(Records contained in a dataset)
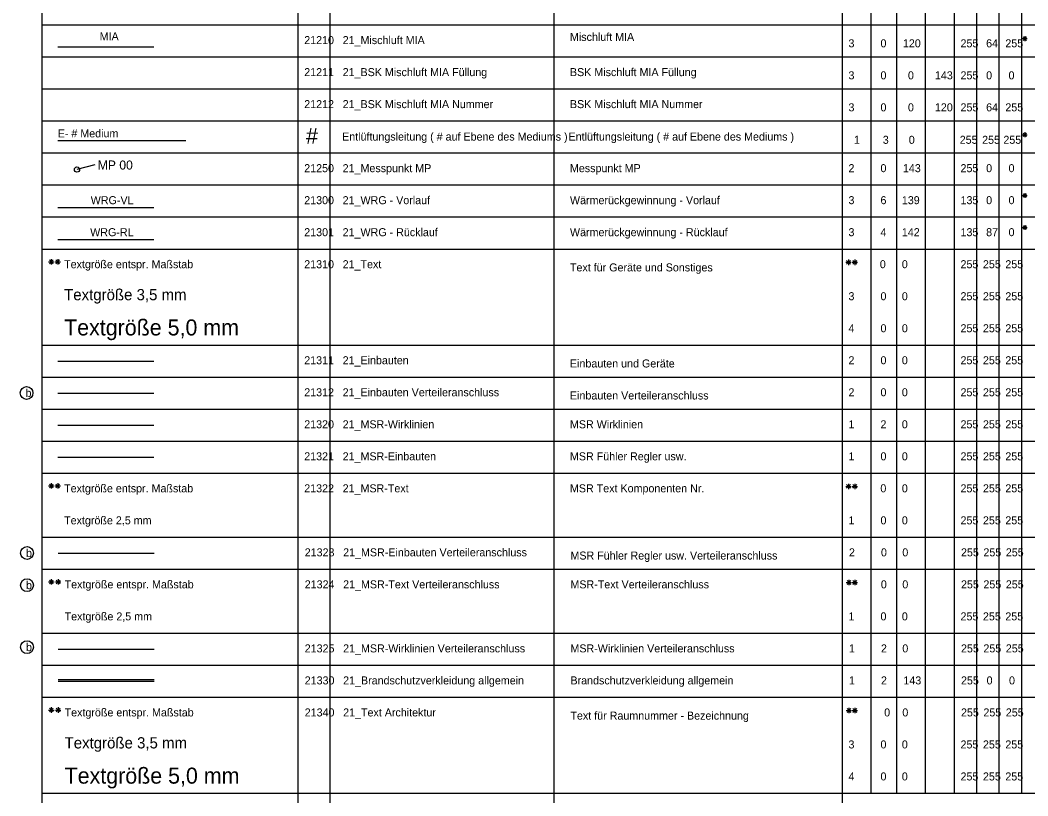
# Model space of a CAD drawing. Extents: x -26 to 55, y -9 to 161.
# Drawn here: x -0.67 to 30.8, y 27.92 to 52.15 of the extents above; entities that cross this region are included whole.
import ezdxf

# ---------------------------------------------------------------- set-up
doc = ezdxf.new("R2010")
doc.units = 0
for name, color, linetype in [('21_Brandschutzverkleidung allgemein', 7, 'Continuous'), ('21_Einbauten', 7, 'Continuous'), ('21_Einbauten Verteileranschluss', 7, 'Continuous'), ('21_Messpunkt MP', 7, 'Continuous'), ('21_Mischluft MIA', 7, 'Continuous'), ('21_MSR-Einbauten', 7, 'Continuous'), ('21_MSR-Einbauten Verteileranschluss', 7, 'Continuous'), ('21_MSR-Text', 7, 'Continuous'), ('21_MSR-Text Verteileranschluss', 7, 'Continuous'), ('21_MSR-Wirklinien', 7, 'Continuous'), ('21_MSR-Wirklinien Verteileranschluss', 7, 'Continuous'), ('21_Text', 7, 'Continuous'), ('21_Text Architektur', 7, 'Continuous'), ('21_WRG - Rücklauf', 7, 'Continuous'), ('21_WRG - Vorlauf', 7, 'Continuous'), ('21_z_freie_Ebene_01', 7, 'Continuous'), ('90_Alter Index', 7, 'Continuous'), ('Default', 7, 'Continuous')]:
    doc.layers.add(name, color=color, linetype=linetype)

msp = doc.modelspace()

# ---------------------------------------------------------------- linework, layer by layer
at = {"layer": '21_Brandschutzverkleidung allgemein'}
for p, q in [((0.515, 31.55), (3.515, 31.55)), ((0.515, 31.5), (3.515, 31.5))]:
    msp.add_line(p, q, dxfattribs=at)
at = {"layer": '21_Einbauten'}
msp.add_line((0.5, 41.5), (3.5, 41.5), dxfattribs=at)
at = {"layer": '21_Einbauten Verteileranschluss'}
msp.add_line((0.5, 40.5), (3.5, 40.5), dxfattribs=at)
at = {"layer": '21_Messpunkt MP'}
msp.add_line((1.655, 47.629), (1.102, 47.481), dxfattribs=at)
msp.add_circle((1.102, 47.481), 0.081, dxfattribs=at)
at = {"layer": '21_Mischluft MIA'}
msp.add_line((0.5, 51.318), (3.5, 51.318), dxfattribs=at)
at = {"layer": '21_MSR-Einbauten'}
msp.add_line((0.5, 38.5), (3.5, 38.5), dxfattribs=at)
at = {"layer": '21_MSR-Einbauten Verteileranschluss'}
msp.add_line((0.515, 35.5), (3.515, 35.5), dxfattribs=at)
at = {"layer": '21_MSR-Wirklinien'}
msp.add_line((0.5, 39.5), (3.5, 39.5), dxfattribs=at)
at = {"layer": '21_MSR-Wirklinien Verteileranschluss'}
msp.add_line((0.515, 32.5), (3.515, 32.5), dxfattribs=at)
at = {"layer": '21_WRG - Rücklauf'}
msp.add_line((0.5, 45.3), (3.5, 45.3), dxfattribs=at)
at = {"layer": '21_WRG - Vorlauf'}
msp.add_line((0.5, 46.3), (3.5, 46.3), dxfattribs=at)
at = {"layer": '21_z_freie_Ebene_01'}
msp.add_line((0.5, 48.386), (4.5, 48.386), dxfattribs=at)
at = {"layer": '90_Alter Index'}
for centre in [(-0.473, 40.503), (-0.458, 35.503), (-0.458, 34.5), (-0.458, 32.564)]:
    msp.add_circle(centre, 0.2, dxfattribs=at)
at = {"layer": 'Default'}
for p, q in [((0, 147), (0, 0)), ((8, 147), (8, 0)), ((9, 147), (9, 0)), ((16, 147), (16, 0)), ((25, 147), (25, 0)), ((25.9, 146.3), (25.9, 28)), ((26.7, 146.3), (26.7, 28)), ((27.6, 146.3), (27.6, 28)), ((28.5, 146.3), (28.5, 28)), ((30.6, 146.3), (30.6, 28)), ((29.2, 145.5), (29.2, 28)), ((29.9, 145.5), (29.9, 28)), ((0, 52), (33.6, 52)), ((30.657, 51.623), (30.763, 51.517)), ((30.763, 51.623), (30.657, 51.517)), ((30.71, 51.646), (30.71, 51.494)), ((30.634, 51.57), (30.786, 51.57)), ((0, 51), (33.6, 51)), ((0, 50), (33.6, 50)), ((0, 49), (33.6, 49)), ((30.634, 48.57), (30.786, 48.57)), ((30.657, 48.623), (30.763, 48.517)), ((30.763, 48.623), (30.657, 48.517)), ((30.71, 48.646), (30.71, 48.494)), ((0, 48), (33.6, 48)), ((0, 47), (33.6, 47)), ((30.634, 46.67), (30.786, 46.67)), ((30.657, 46.723), (30.763, 46.617)), ((30.763, 46.723), (30.657, 46.617)), ((30.71, 46.746), (30.71, 46.594)), ((0, 46), (33.6, 46)), ((30.634, 45.67), (30.786, 45.67)), ((30.657, 45.723), (30.763, 45.617)), ((30.763, 45.723), (30.657, 45.617)), ((30.71, 45.746), (30.71, 45.594)), ((0, 45), (33.6, 45)), ((0.216, 44.6), (0.384, 44.6)), ((0.241, 44.659), (0.359, 44.541)), ((0.359, 44.659), (0.241, 44.541)), ((0.3, 44.684), (0.3, 44.516)), ((0.416, 44.6), (0.584, 44.6)), ((0.441, 44.659), (0.559, 44.541)), ((0.559, 44.659), (0.441, 44.541)), ((0.5, 44.684), (0.5, 44.516)), ((25.116, 44.584), (25.284, 44.584)), ((25.141, 44.643), (25.259, 44.525)), ((25.259, 44.643), (25.141, 44.525)), ((25.2, 44.668), (25.2, 44.5)), ((25.316, 44.584), (25.484, 44.584)), ((25.341, 44.643), (25.459, 44.525)), ((25.459, 44.643), (25.341, 44.525)), ((25.4, 44.668), (25.4, 44.5)), ((0, 42), (33.6, 42)), ((0, 41), (33.6, 41)), ((0, 40), (33.6, 40)), ((0, 39), (33.6, 39)), ((0, 38), (33.6, 38)), ((0.216, 37.6), (0.384, 37.6)), ((0.241, 37.659), (0.359, 37.541)), ((0.359, 37.659), (0.241, 37.541)), ((0.3, 37.684), (0.3, 37.516)), ((0.416, 37.6), (0.584, 37.6)), ((0.441, 37.659), (0.559, 37.541)), ((0.559, 37.659), (0.441, 37.541)), ((0.5, 37.684), (0.5, 37.516)), ((25.116, 37.584), (25.284, 37.584)), ((25.141, 37.643), (25.259, 37.525)), ((25.259, 37.643), (25.141, 37.525)), ((25.2, 37.668), (25.2, 37.5)), ((25.316, 37.584), (25.484, 37.584)), ((25.341, 37.643), (25.459, 37.525)), ((25.459, 37.643), (25.341, 37.525)), ((25.4, 37.668), (25.4, 37.5)), ((0.015, 36), (33.615, 36)), ((0.031, 35), (33.615, 35)), ((0.241, 34.659), (0.359, 34.541)), ((0.359, 34.659), (0.241, 34.541)), ((0.3, 34.684), (0.3, 34.516)), ((0.456, 34.659), (0.575, 34.541)), ((0.575, 34.659), (0.456, 34.541)), ((0.515, 34.684), (0.515, 34.516)), ((25.156, 34.643), (25.275, 34.525)), ((25.275, 34.643), (25.156, 34.525)), ((25.215, 34.668), (25.215, 34.5)), ((25.341, 34.643), (25.459, 34.525)), ((25.459, 34.643), (25.341, 34.525)), ((25.4, 34.668), (25.4, 34.5)), ((0.216, 34.6), (0.384, 34.6)), ((0.432, 34.6), (0.599, 34.6)), ((25.132, 34.584), (25.299, 34.584)), ((25.316, 34.584), (25.484, 34.584)), ((0.015, 33), (33.615, 33)), ((0.015, 32), (33.615, 32)), ((0.015, 31), (33.615, 31)), ((0.216, 30.6), (0.384, 30.6)), ((0.241, 30.659), (0.359, 30.541)), ((0.359, 30.659), (0.241, 30.541)), ((0.3, 30.684), (0.3, 30.516)), ((0.432, 30.6), (0.599, 30.6)), ((0.456, 30.659), (0.575, 30.541)), ((0.575, 30.659), (0.456, 30.541)), ((0.515, 30.684), (0.515, 30.516)), ((25.132, 30.584), (25.299, 30.584)), ((25.156, 30.643), (25.275, 30.525)), ((25.275, 30.643), (25.156, 30.525)), ((25.215, 30.668), (25.215, 30.5)), ((25.316, 30.584), (25.484, 30.584)), ((25.341, 30.643), (25.459, 30.525)), ((25.459, 30.643), (25.341, 30.525)), ((25.4, 30.668), (25.4, 30.5)), ((0.015, 28), (33.615, 28))]:
    msp.add_line(p, q, dxfattribs=at)

# ---------------------------------------------------------------- texts
at = {"layer": '21_Messpunkt MP'}
msp.add_text('MP 00', height=0.2835, dxfattribs=at).set_placement((1.75, 47.481))
at = {"layer": '21_Mischluft MIA'}
msp.add_text('MIA', height=0.25, dxfattribs=at).set_placement((1.81, 51.518))
at = {"layer": '21_MSR-Text'}
msp.add_text('Textgröße 2,5 mm', height=0.25, dxfattribs=at).set_placement((0.7, 36.4))
at = {"layer": '21_MSR-Text Verteileranschluss'}
msp.add_text('Textgröße 2,5 mm', height=0.25, dxfattribs=at).set_placement((0.715, 33.4))
at = {"layer": '21_Text'}
for s, height, p in [('Textgröße 3,5 mm', 0.35, (0.7, 43.4)), ('Textgröße 5,0 mm', 0.5, (0.7, 42.3))]:
    msp.add_text(s, height=height, dxfattribs=at).set_placement(p)
at = {"layer": '21_Text Architektur'}
for s, height, p in [('Textgröße 3,5 mm', 0.35, (0.715, 29.4)), ('Textgröße 5,0 mm', 0.5, (0.715, 28.3))]:
    msp.add_text(s, height=height, dxfattribs=at).set_placement(p)
at = {"layer": '21_WRG - Rücklauf'}
msp.add_text('WRG-RL', height=0.25, dxfattribs=at).set_placement((1.514, 45.4))
at = {"layer": '21_WRG - Vorlauf'}
msp.add_text('WRG-VL', height=0.25, dxfattribs=at).set_placement((1.531, 46.4))
at = {"layer": '21_z_freie_Ebene_01'}
msp.add_text('E- # Medium', height=0.25, dxfattribs=at).set_placement((0.5, 48.486))
at = {"layer": '90_Alter Index'}
for p in [(-0.506, 40.378), (-0.49, 35.378), (-0.49, 34.375), (-0.49, 32.439)]:
    msp.add_text('b', height=0.25, dxfattribs=at).set_placement(p)
at = {"layer": 'Default'}
for s, height, p in [('21210', 0.25, (8.2, 51.4)), ('21_Mischluft MIA ', 0.25, (9.4, 51.4)), ('Mischluft MIA ', 0.25, (16.5, 51.5)), ('3', 0.25, (25.2, 51.3)), ('0', 0.25, (26.2, 51.3)), ('120', 0.25, (26.9, 51.3)), ('255', 0.25, (28.7, 51.3)), ('64', 0.25, (29.5, 51.3)), ('255', 0.25, (30.1, 51.3)), ('21211', 0.25, (8.2, 50.4)), ('21_BSK Mischluft MIA Füllung', 0.25, (9.4, 50.4)), ('BSK Mischluft MIA Füllung', 0.25, (16.5, 50.4)), ('3', 0.25, (25.2, 50.3)), ('0', 0.25, (26.2, 50.3)), ('0', 0.25, (27.058, 50.3)), ('143', 0.25, (27.9, 50.3)), ('255', 0.25, (28.7, 50.3)), ('0', 0.25, (29.5, 50.3)), ('0', 0.25, (30.2, 50.3)), ('21212', 0.25, (8.2, 49.4)), ('21_BSK Mischluft MIA Nummer', 0.25, (9.4, 49.4)), ('BSK Mischluft MIA Nummer', 0.25, (16.5, 49.4)), ('3', 0.25, (25.2, 49.3)), ('0', 0.25, (26.2, 49.3)), ('0', 0.25, (27.058, 49.3)), ('120', 0.25, (27.9, 49.3)), ('255', 0.25, (28.7, 49.3)), ('64', 0.25, (29.5, 49.3)), ('255', 0.25, (30.1, 49.3)), (' # ', 0.5, (8.071, 48.286)), (' Entlüftungsleitung ( # auf Ebene des Mediums )', 0.25, (9.29, 48.386)), (' Entlüftungsleitung ( # auf Ebene des Mediums )', 0.25, (16.364, 48.386)), ('1', 0.25, (25.371, 48.286)), ('3', 0.25, (26.271, 48.286)), ('0', 0.25, (27.084, 48.286)), ('255', 0.25, (28.675, 48.286)), ('255', 0.25, (29.375, 48.286)), ('255', 0.25, (30.039, 48.286)), ('21250', 0.25, (8.2, 47.4)), ('21_Messpunkt MP', 0.25, (9.4, 47.4)), ('Messpunkt MP', 0.25, (16.5, 47.4)), ('2', 0.25, (25.2, 47.4)), ('0 ', 0.25, (26.2, 47.4)), ('143', 0.25, (26.9, 47.4)), ('255', 0.25, (28.7, 47.4)), ('0', 0.25, (29.5, 47.4)), ('0', 0.25, (30.2, 47.4)), ('21300', 0.25, (8.2, 46.4)), ('21_WRG - Vorlauf', 0.25, (9.4, 46.4)), ('Wärmerückgewinnung - Vorlauf ', 0.25, (16.5, 46.4)), ('3', 0.25, (25.2, 46.4)), ('6', 0.25, (26.2, 46.4)), ('139', 0.25, (26.867, 46.4)), ('135', 0.25, (28.7, 46.4)), ('0', 0.25, (29.5, 46.4)), ('0', 0.25, (30.2, 46.4)), ('21301', 0.25, (8.2, 45.4)), ('21_WRG - Rücklauf', 0.25, (9.4, 45.4)), ('Wärmerückgewinnung - Rücklauf ', 0.25, (16.5, 45.4)), ('3', 0.25, (25.2, 45.4)), ('4', 0.25, (26.2, 45.4)), ('142', 0.25, (26.867, 45.4)), ('135', 0.25, (28.7, 45.4)), ('87', 0.25, (29.5, 45.4)), ('0', 0.25, (30.2, 45.4)), ('Textgröße entspr. Maßstab', 0.25, (0.7, 44.4)), ('21310', 0.25, (8.2, 44.4)), ('21_Text', 0.25, (9.4, 44.4)), ('Text für Geräte und Sonstiges', 0.25, (16.5, 44.3)), ('0', 0.25, (26.18, 44.4)), ('0', 0.25, (26.867, 44.4)), ('255', 0.25, (28.7, 44.4)), ('255', 0.25, (29.4, 44.4)), ('255', 0.25, (30.1, 44.4)), ('3', 0.25, (25.2, 43.4)), ('0', 0.25, (26.2, 43.4)), ('0', 0.25, (26.867, 43.4)), ('255', 0.25, (28.7, 43.4)), ('255', 0.25, (29.4, 43.4)), ('255', 0.25, (30.1, 43.4)), ('4', 0.25, (25.2, 42.4)), ('0', 0.25, (26.2, 42.4)), ('0', 0.25, (26.867, 42.4)), ('255', 0.25, (28.7, 42.4)), ('255', 0.25, (29.4, 42.4)), ('255', 0.25, (30.1, 42.4)), ('21311', 0.25, (8.2, 41.4)), ('21_Einbauten', 0.25, (9.4, 41.4)), ('Einbauten und Geräte', 0.25, (16.5, 41.3)), ('2', 0.25, (25.2, 41.4)), ('0', 0.25, (26.2, 41.4)), ('0', 0.25, (26.867, 41.4)), ('255', 0.25, (28.7, 41.4)), ('255', 0.25, (29.4, 41.4)), ('255', 0.25, (30.1, 41.4)), ('21312', 0.25, (8.2, 40.4)), ('21_Einbauten Verteileranschluss', 0.25, (9.4, 40.4)), ('2', 0.25, (25.2, 40.4)), ('0', 0.25, (26.2, 40.4)), ('0', 0.25, (26.867, 40.4)), ('255', 0.25, (28.7, 40.4)), ('255', 0.25, (29.4, 40.4)), ('255', 0.25, (30.1, 40.4)), ('Einbauten Verteileranschluss', 0.25, (16.5, 40.3)), ('21_MSR-Wirklinien', 0.25, (9.4, 39.4)), ('MSR Wirklinien', 0.25, (16.5, 39.4)), ('21320', 0.25, (8.2, 39.4)), ('1', 0.25, (25.2, 39.4)), ('2', 0.25, (26.2, 39.4)), ('0', 0.25, (26.867, 39.4)), ('255', 0.25, (28.7, 39.4)), ('255', 0.25, (29.4, 39.4)), ('255', 0.25, (30.1, 39.4)), ('21321', 0.25, (8.2, 38.4)), ('21_MSR-Einbauten', 0.25, (9.4, 38.4)), ('MSR Fühler Regler usw.', 0.25, (16.5, 38.4)), ('1', 0.25, (25.2, 38.4)), ('0', 0.25, (26.2, 38.4)), ('0', 0.25, (26.867, 38.4)), ('255', 0.25, (28.7, 38.4)), ('255', 0.25, (29.4, 38.4)), ('255', 0.25, (30.1, 38.4)), ('Textgröße entspr. Maßstab', 0.25, (0.7, 37.4)), ('21322', 0.25, (8.2, 37.4)), ('21_MSR-Text', 0.25, (9.4, 37.4)), ('MSR Text Komponenten Nr. ', 0.25, (16.5, 37.4)), ('0', 0.25, (26.196, 37.4)), ('0', 0.25, (26.867, 37.4)), ('255', 0.25, (28.7, 37.4)), ('255', 0.25, (29.4, 37.4)), ('255', 0.25, (30.1, 37.4)), ('1', 0.25, (25.2, 36.4)), ('0', 0.25, (26.2, 36.4)), ('0', 0.25, (26.867, 36.4)), ('255', 0.25, (28.7, 36.4)), ('255', 0.25, (29.4, 36.4)), ('255', 0.25, (30.1, 36.4)), ('21323', 0.25, (8.215, 35.4)), ('21_MSR-Einbauten Verteileranschluss', 0.25, (9.415, 35.4)), ('2', 0.25, (25.215, 35.4)), ('0', 0.25, (26.215, 35.4)), ('0', 0.25, (26.882, 35.4)), ('255', 0.25, (28.715, 35.4)), ('255', 0.25, (29.415, 35.4)), ('255', 0.25, (30.115, 35.4)), ('MSR Fühler Regler usw. Verteileranschluss', 0.25, (16.515, 35.3)), ('Textgröße entspr. Maßstab', 0.25, (0.715, 34.4)), ('21324', 0.25, (8.215, 34.4)), ('21_MSR-Text Verteileranschluss', 0.25, (9.415, 34.4)), ('MSR-Text Verteileranschluss', 0.25, (16.515, 34.4)), ('0', 0.25, (26.212, 34.4)), ('0', 0.25, (26.882, 34.4)), ('255', 0.25, (28.715, 34.4)), ('255', 0.25, (29.415, 34.4)), ('255', 0.25, (30.115, 34.4)), ('1', 0.25, (25.2, 33.4)), ('0', 0.25, (26.2, 33.4)), ('0', 0.25, (26.867, 33.4)), ('255', 0.25, (28.7, 33.4)), ('255', 0.25, (29.4, 33.4)), ('255', 0.25, (30.1, 33.4)), ('21325', 0.25, (8.215, 32.4)), ('21_MSR-Wirklinien Verteileranschluss', 0.25, (9.415, 32.4)), ('MSR-Wirklinien Verteileranschluss', 0.25, (16.515, 32.4)), ('1', 0.25, (25.215, 32.4)), ('2', 0.25, (26.215, 32.4)), ('0', 0.25, (26.882, 32.4)), ('255', 0.25, (28.715, 32.4)), ('255', 0.25, (29.415, 32.4)), ('255', 0.25, (30.115, 32.4)), ('21330', 0.25, (8.215, 31.4)), ('21_Brandschutzverkleidung allgemein', 0.25, (9.415, 31.4)), ('Brandschutzverkleidung allgemein', 0.25, (16.515, 31.4)), ('1', 0.25, (25.215, 31.4)), ('2', 0.25, (26.215, 31.4)), ('143', 0.25, (26.915, 31.4)), ('255', 0.25, (28.715, 31.4)), ('0', 0.25, (29.515, 31.4)), ('0', 0.25, (30.215, 31.4)), ('Textgröße entspr. Maßstab', 0.25, (0.715, 30.4)), ('21340', 0.25, (8.215, 30.4)), ('21_Text Architektur', 0.25, (9.415, 30.4)), ('Text für Raumnummer - Bezeichnung', 0.25, (16.515, 30.3)), ('0', 0.25, (26.315, 30.4)), ('0', 0.25, (26.882, 30.4)), ('255', 0.25, (28.715, 30.4)), ('255', 0.25, (29.415, 30.4)), ('255', 0.25, (30.115, 30.4)), ('3', 0.25, (25.2, 29.4)), ('0', 0.25, (26.2, 29.4)), ('0', 0.25, (26.867, 29.4)), ('255', 0.25, (28.7, 29.4)), ('255', 0.25, (29.4, 29.4)), ('255', 0.25, (30.1, 29.4)), ('4', 0.25, (25.2, 28.4)), ('0', 0.25, (26.2, 28.4)), ('0', 0.25, (26.867, 28.4)), ('255', 0.25, (28.7, 28.4)), ('255', 0.25, (29.4, 28.4)), ('255', 0.25, (30.1, 28.4))]:
    msp.add_text(s, height=height, dxfattribs=at).set_placement(p)

doc.saveas('drawing.dxf')

#### What needs to be done:
Show every line of the data that includes the string "color".

#### Answer space:
for name, color, linetype in [('21_Brandschutzverkleidung allgemein', 7, 'Continuous'), ('21_Einbauten', 7, 'Continuous'), ('21_Einbauten Verteileranschluss', 7, 'Continuous'), ('21_Messpunkt MP', 7, 'Continuous'), ('21_Mischluft MIA', 7, 'Continuous'), ('21_MSR-Einbauten', 7, 'Continuous'), ('21_MSR-Einbauten Verteileranschluss', 7, 'Continuous'), ('21_MSR-Text', 7, 'Continuous'), ('21_MSR-Text Verteileranschluss', 7, 'Continuous'), ('21_MSR-Wirklinien', 7, 'Continuous'), ('21_MSR-Wirklinien Verteileranschluss', 7, 'Continuous'), ('21_Text', 7, 'Continuous'), ('21_Text Architektur', 7, 'Continuous'), ('21_WRG - Rücklauf', 7, 'Continuous'), ('21_WRG - Vorlauf', 7, 'Continuous'), ('21_z_freie_Ebene_01', 7, 'Continuous'), ('90_Alter Index', 7, 'Continuous'), ('Default', 7, 'Continuous')]:
    doc.layers.add(name, color=color, linetype=linetype)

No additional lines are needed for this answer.